-- Records for the exercise follows --
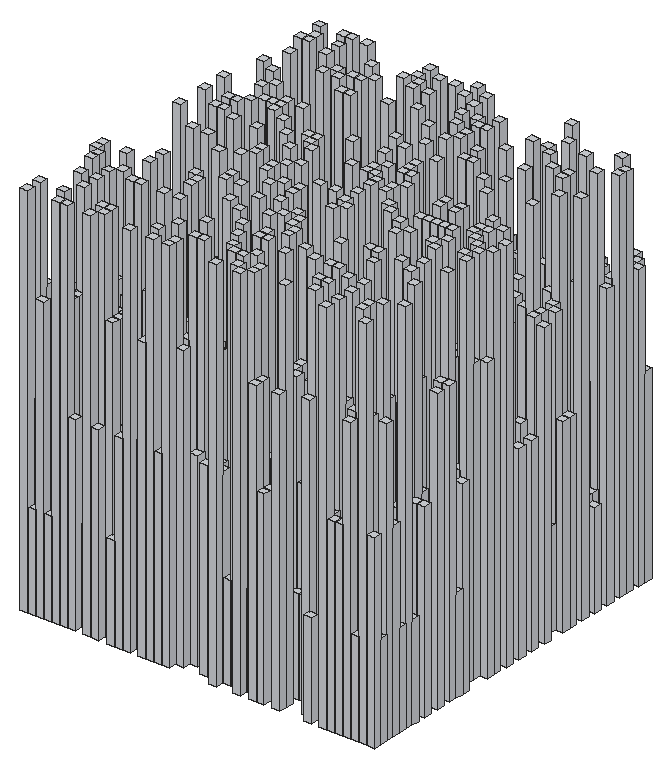
Revit family "qrcodeQ(a)R(t)", category Generic Models, Revit 2013 (continued)
Forms (in)
  Extrusion 233, solid
    sketch origin (0, 0, 0) x (1, 0, 0) y (0, 1, 0)
      loop
        line (35.9856, 8.9964) -> (36.9852, 8.9964) -> (36.9852, 9.996) -> (35.9856, 9.996) -> (35.9856, 8.9964)
    from 0 to 36
  Extrusion 234, solid
    sketch origin (0, 0, 0) x (1, 0, 0) y (0, 1, 0)
      loop
        line (37.9848, 8.9964) -> (38.9844, 8.9964) -> (38.9844, 9.996) -> (37.9848, 9.996) -> (37.9848, 8.9964)
    from 0 to 12
  Extrusion 235, solid
    sketch origin (0, 0, 0) x (1, 0, 0) y (0, 1, 0)
      loop
        line (41.9832, 8.9964) -> (42.9828, 8.9964) -> (42.9828, 9.996) -> (41.9832, 9.996) -> (41.9832, 8.9964)
    from 0 to 48
  Extrusion 236, solid
    sketch origin (0, 0, 0) x (1, 0, 0) y (0, 1, 0)
      loop
        line (0.9996, 9.996) -> (1.9992, 9.996) -> (1.9992, 10.9956) -> (0.9996, 10.9956) -> (0.9996, 9.996)
    from 0 to 48
  Extrusion 237, solid
    sketch origin (0, 0, 0) x (1, 0, 0) y (0, 1, 0)
      loop
        line (4.998, 9.996) -> (5.9976, 9.996) -> (5.9976, 10.9956) -> (4.998, 10.9956) -> (4.998, 9.996)
    from 0 to 12
  Extrusion 238, solid
    sketch origin (0, 0, 0) x (1, 0, 0) y (0, 1, 0)
      loop
        line (5.9976, 9.996) -> (6.9972, 9.996) -> (6.9972, 10.9956) -> (5.9976, 10.9956) -> (5.9976, 9.996)
    from 0 to 24
  Extrusion 239, solid
    sketch origin (0, 0, 0) x (1, 0, 0) y (0, 1, 0)
      loop
        line (7.9968, 9.996) -> (8.9964, 9.996) -> (8.9964, 10.9956) -> (7.9968, 10.9956) -> (7.9968, 9.996)
    from 0 to 24
  Extrusion 240, solid
    sketch origin (0, 0, 0) x (1, 0, 0) y (0, 1, 0)
      loop
        line (11.9952, 9.996) -> (12.9948, 9.996) -> (12.9948, 10.9956) -> (11.9952, 10.9956) -> (11.9952, 9.996)
    from 0 to 36
  Extrusion 241, solid
    sketch origin (0, 0, 0) x (1, 0, 0) y (0, 1, 0)
      loop
        line (14.994, 9.996) -> (15.9936, 9.996) -> (15.9936, 10.9956) -> (14.994, 10.9956) -> (14.994, 9.996)
    from 0 to 12
  Extrusion 242, solid
    sketch origin (0, 0, 0) x (1, 0, 0) y (0, 1, 0)
      loop
        line (18.9924, 9.996) -> (19.992, 9.996) -> (19.992, 10.9956) -> (18.9924, 10.9956) -> (18.9924, 9.996)
    from 0 to 48
  Extrusion 243, solid
    sketch origin (0, 0, 0) x (1, 0, 0) y (0, 1, 0)
      loop
        line (19.992, 9.996) -> (20.9916, 9.996) -> (20.9916, 10.9956) -> (19.992, 10.9956) -> (19.992, 9.996)
    from 0 to 12
  Extrusion 244, solid
    sketch origin (0, 0, 0) x (1, 0, 0) y (0, 1, 0)
      loop
        line (22.9908, 9.996) -> (23.9904, 9.996) -> (23.9904, 10.9956) -> (22.9908, 10.9956) -> (22.9908, 9.996)
    from 0 to 12
  Extrusion 245, solid
    sketch origin (0, 0, 0) x (1, 0, 0) y (0, 1, 0)
      loop
        line (23.9904, 9.996) -> (24.99, 9.996) -> (24.99, 10.9956) -> (23.9904, 10.9956) -> (23.9904, 9.996)
    from 0 to 24
  Extrusion 246, solid
    sketch origin (0, 0, 0) x (1, 0, 0) y (0, 1, 0)
      loop
        line (24.99, 9.996) -> (25.9896, 9.996) -> (25.9896, 10.9956) -> (24.99, 10.9956) -> (24.99, 9.996)
    from 0 to 36
  Extrusion 247, solid
    sketch origin (0, 0, 0) x (1, 0, 0) y (0, 1, 0)
      loop
        line (25.9896, 9.996) -> (26.9892, 9.996) -> (26.9892, 10.9956) -> (25.9896, 10.9956) -> (25.9896, 9.996)
    from 0 to 48
  Extrusion 248, solid
    sketch origin (0, 0, 0) x (1, 0, 0) y (0, 1, 0)
      loop
        line (27.9888, 9.996) -> (28.9884, 9.996) -> (28.9884, 10.9956) -> (27.9888, 10.9956) -> (27.9888, 9.996)
    from 0 to 12
  Extrusion 249, solid
    sketch origin (0, 0, 0) x (1, 0, 0) y (0, 1, 0)
      loop
        line (29.988, 9.996) -> (30.9876, 9.996) -> (30.9876, 10.9956) -> (29.988, 10.9956) -> (29.988, 9.996)
    from 0 to 12
  Extrusion 250, solid
    sketch origin (0, 0, 0) x (1, 0, 0) y (0, 1, 0)
      loop
        line (30.9876, 9.996) -> (31.9872, 9.996) -> (31.9872, 10.9956) -> (30.9876, 10.9956) -> (30.9876, 9.996)
    from 0 to 24
  Extrusion 251, solid
    sketch origin (0, 0, 0) x (1, 0, 0) y (0, 1, 0)
      loop
        line (32.9868, 9.996) -> (33.9864, 9.996) -> (33.9864, 10.9956) -> (32.9868, 10.9956) -> (32.9868, 9.996)
    from 0 to 36
  Extrusion 252, solid
    sketch origin (0, 0, 0) x (1, 0, 0) y (0, 1, 0)
      loop
        line (35.9856, 9.996) -> (36.9852, 9.996) -> (36.9852, 10.9956) -> (35.9856, 10.9956) -> (35.9856, 9.996)
    from 0 to 48
  Extrusion 253, solid
    sketch origin (0, 0, 0) x (1, 0, 0) y (0, 1, 0)
      loop
        line (38.9844, 9.996) -> (39.984, 9.996) -> (39.984, 10.9956) -> (38.9844, 10.9956) -> (38.9844, 9.996)
    from 0 to 12
  Extrusion 254, solid
    sketch origin (0, 0, 0) x (1, 0, 0) y (0, 1, 0)
      loop
        line (41.9832, 9.996) -> (42.9828, 9.996) -> (42.9828, 10.9956) -> (41.9832, 10.9956) -> (41.9832, 9.996)
    from 0 to 24
  Extrusion 255, solid
    sketch origin (0, 0, 0) x (1, 0, 0) y (0, 1, 0)
      loop
        line (43.9824, 9.996) -> (44.982, 9.996) -> (44.982, 10.9956) -> (43.9824, 10.9956) -> (43.9824, 9.996)
    from 0 to 36
  Extrusion 256, solid
    sketch origin (0, 0, 0) x (1, 0, 0) y (0, 1, 0)
      loop
        line (0, 10.9956) -> (0.9996, 10.9956) -> (0.9996, 11.9952) -> (0, 11.9952) -> (0, 10.9956)
    from 0 to 48
  Extrusion 257, solid
    sketch origin (0, 0, 0) x (1, 0, 0) y (0, 1, 0)
      loop
        line (1.9992, 10.9956) -> (2.9988, 10.9956) -> (2.9988, 11.9952) -> (1.9992, 11.9952) -> (1.9992, 10.9956)
    from 0 to 12
  Extrusion 258, solid
    sketch origin (0, 0, 0) x (1, 0, 0) y (0, 1, 0)
      loop
        line (7.9968, 10.9956) -> (8.9964, 10.9956) -> (8.9964, 11.9952) -> (7.9968, 11.9952) -> (7.9968, 10.9956)
    from 0 to 24
  Extrusion 259, solid
    sketch origin (0, 0, 0) x (1, 0, 0) y (0, 1, 0)
      loop
        line (9.996, 10.9956) -> (10.9956, 10.9956) -> (10.9956, 11.9952) -> (9.996, 11.9952) -> (9.996, 10.9956)
    from 0 to 36
  Extrusion 260, solid
    sketch origin (0, 0, 0) x (1, 0, 0) y (0, 1, 0)
      loop
        line (11.9952, 10.9956) -> (12.9948, 10.9956) -> (12.9948, 11.9952) -> (11.9952, 11.9952) -> (11.9952, 10.9956)
    from 0 to 48
  Extrusion 261, solid
    sketch origin (0, 0, 0) x (1, 0, 0) y (0, 1, 0)
      loop
        line (13.9944, 10.9956) -> (14.994, 10.9956) -> (14.994, 11.9952) -> (13.9944, 11.9952) -> (13.9944, 10.9956)
    from 0 to 24
  Extrusion 262, solid
    sketch origin (0, 0, 0) x (1, 0, 0) y (0, 1, 0)
      loop
        line (15.9936, 10.9956) -> (16.9932, 10.9956) -> (16.9932, 11.9952) -> (15.9936, 11.9952) -> (15.9936, 10.9956)
    from 0 to 36
  Extrusion 263, solid
    sketch origin (0, 0, 0) x (1, 0, 0) y (0, 1, 0)
      loop
        line (16.9932, 10.9956) -> (17.9928, 10.9956) -> (17.9928, 11.9952) -> (16.9932, 11.9952) -> (16.9932, 10.9956)
    from 0 to 48
  Extrusion 264, solid
    sketch origin (0, 0, 0) x (1, 0, 0) y (0, 1, 0)
      loop
        line (21.9912, 10.9956) -> (22.9908, 10.9956) -> (22.9908, 11.9952) -> (21.9912, 11.9952) -> (21.9912, 10.9956)
    from 0 to 48
  Extrusion 265, solid
    sketch origin (0, 0, 0) x (1, 0, 0) y (0, 1, 0)
      loop
        line (23.9904, 10.9956) -> (24.99, 10.9956) -> (24.99, 11.9952) -> (23.9904, 11.9952) -> (23.9904, 10.9956)
    from 0 to 12
  Extrusion 266, solid
    sketch origin (0, 0, 0) x (1, 0, 0) y (0, 1, 0)
      loop
        line (24.99, 10.9956) -> (25.9896, 10.9956) -> (25.9896, 11.9952) -> (24.99, 11.9952) -> (24.99, 10.9956)
    from 0 to 48
  Extrusion 267, solid
    sketch origin (0, 0, 0) x (1, 0, 0) y (0, 1, 0)
      loop
        line (25.9896, 10.9956) -> (26.9892, 10.9956) -> (26.9892, 11.9952) -> (25.9896, 11.9952) -> (25.9896, 10.9956)
    from 0 to 12
  Extrusion 268, solid
    sketch origin (0, 0, 0) x (1, 0, 0) y (0, 1, 0)
      loop
        line (27.9888, 10.9956) -> (28.9884, 10.9956) -> (28.9884, 11.9952) -> (27.9888, 11.9952) -> (27.9888, 10.9956)
    from 0 to 36
  Extrusion 269, solid
    sketch origin (0, 0, 0) x (1, 0, 0) y (0, 1, 0)
      loop
        line (30.9876, 10.9956) -> (31.9872, 10.9956) -> (31.9872, 11.9952) -> (30.9876, 11.9952) -> (30.9876, 10.9956)
    from 0 to 48
  Extrusion 270, solid
    sketch origin (0, 0, 0) x (1, 0, 0) y (0, 1, 0)
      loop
-- Records for the exercise concluded --
Task directions
Your task is to reproduce the entries above word for word, from the first line through the line with "Extrusion 234, solid", and please leave out any pictures.

Finished task
Revit family "qrcodeQ(a)R(t)", category Generic Models, Revit 2013 (continued)
Forms (in)
  Extrusion 233, solid
    sketch origin (0, 0, 0) x (1, 0, 0) y (0, 1, 0)
      loop
        line (35.9856, 8.9964) -> (36.9852, 8.9964) -> (36.9852, 9.996) -> (35.9856, 9.996) -> (35.9856, 8.9964)
    from 0 to 36
  Extrusion 234, solid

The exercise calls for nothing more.